***** Entries provided *****
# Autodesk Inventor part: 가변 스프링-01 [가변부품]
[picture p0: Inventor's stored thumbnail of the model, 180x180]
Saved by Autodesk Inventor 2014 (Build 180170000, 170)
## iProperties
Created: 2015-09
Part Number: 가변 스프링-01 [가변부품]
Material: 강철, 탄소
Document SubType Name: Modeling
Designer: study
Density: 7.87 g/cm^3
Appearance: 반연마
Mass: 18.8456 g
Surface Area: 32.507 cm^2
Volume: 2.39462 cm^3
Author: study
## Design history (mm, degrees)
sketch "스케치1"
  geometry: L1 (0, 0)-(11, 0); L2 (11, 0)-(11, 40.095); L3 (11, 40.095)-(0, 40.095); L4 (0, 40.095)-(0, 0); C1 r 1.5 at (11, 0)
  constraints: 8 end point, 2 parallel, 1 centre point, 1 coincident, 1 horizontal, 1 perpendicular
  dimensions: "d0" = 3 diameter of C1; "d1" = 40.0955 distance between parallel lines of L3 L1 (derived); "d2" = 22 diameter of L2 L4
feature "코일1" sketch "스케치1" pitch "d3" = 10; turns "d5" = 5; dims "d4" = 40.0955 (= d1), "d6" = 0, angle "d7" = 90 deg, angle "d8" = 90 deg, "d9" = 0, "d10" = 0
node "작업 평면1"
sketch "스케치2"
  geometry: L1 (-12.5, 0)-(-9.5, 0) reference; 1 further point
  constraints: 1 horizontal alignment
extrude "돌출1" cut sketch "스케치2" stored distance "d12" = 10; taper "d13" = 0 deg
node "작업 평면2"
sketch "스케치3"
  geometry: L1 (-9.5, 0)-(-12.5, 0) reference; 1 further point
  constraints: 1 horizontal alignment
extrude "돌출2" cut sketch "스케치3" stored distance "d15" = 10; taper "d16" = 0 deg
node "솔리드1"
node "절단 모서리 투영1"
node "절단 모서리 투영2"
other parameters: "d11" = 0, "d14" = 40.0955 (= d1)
*****
Copy every record exactly, leaving each line intact.

# Autodesk Inventor part: 가변 스프링-01 [가변부품]
[picture p0: Inventor's stored thumbnail of the model, 180x180]
Saved by Autodesk Inventor 2014 (Build 180170000, 170)
## iProperties
Created: 2015-09
Part Number: 가변 스프링-01 [가변부품]
Material: 강철, 탄소
Document SubType Name: Modeling
Designer: study
Density: 7.87 g/cm^3
Appearance: 반연마
Mass: 18.8456 g
Surface Area: 32.507 cm^2
Volume: 2.39462 cm^3
Author: study
## Design history (mm, degrees)
sketch "스케치1"
  geometry: L1 (0, 0)-(11, 0); L2 (11, 0)-(11, 40.095); L3 (11, 40.095)-(0, 40.095); L4 (0, 40.095)-(0, 0); C1 r 1.5 at (11, 0)
  constraints: 8 end point, 2 parallel, 1 centre point, 1 coincident, 1 horizontal, 1 perpendicular
  dimensions: "d0" = 3 diameter of C1; "d1" = 40.0955 distance between parallel lines of L3 L1 (derived); "d2" = 22 diameter of L2 L4
feature "코일1" sketch "스케치1" pitch "d3" = 10; turns "d5" = 5; dims "d4" = 40.0955 (= d1), "d6" = 0, angle "d7" = 90 deg, angle "d8" = 90 deg, "d9" = 0, "d10" = 0
node "작업 평면1"
sketch "스케치2"
  geometry: L1 (-12.5, 0)-(-9.5, 0) reference; 1 further point
  constraints: 1 horizontal alignment
extrude "돌출1" cut sketch "스케치2" stored distance "d12" = 10; taper "d13" = 0 deg
node "작업 평면2"
sketch "스케치3"
  geometry: L1 (-9.5, 0)-(-12.5, 0) reference; 1 further point
  constraints: 1 horizontal alignment
extrude "돌출2" cut sketch "스케치3" stored distance "d15" = 10; taper "d16" = 0 deg
node "솔리드1"
node "절단 모서리 투영1"
node "절단 모서리 투영2"
other parameters: "d11" = 0, "d14" = 40.0955 (= d1)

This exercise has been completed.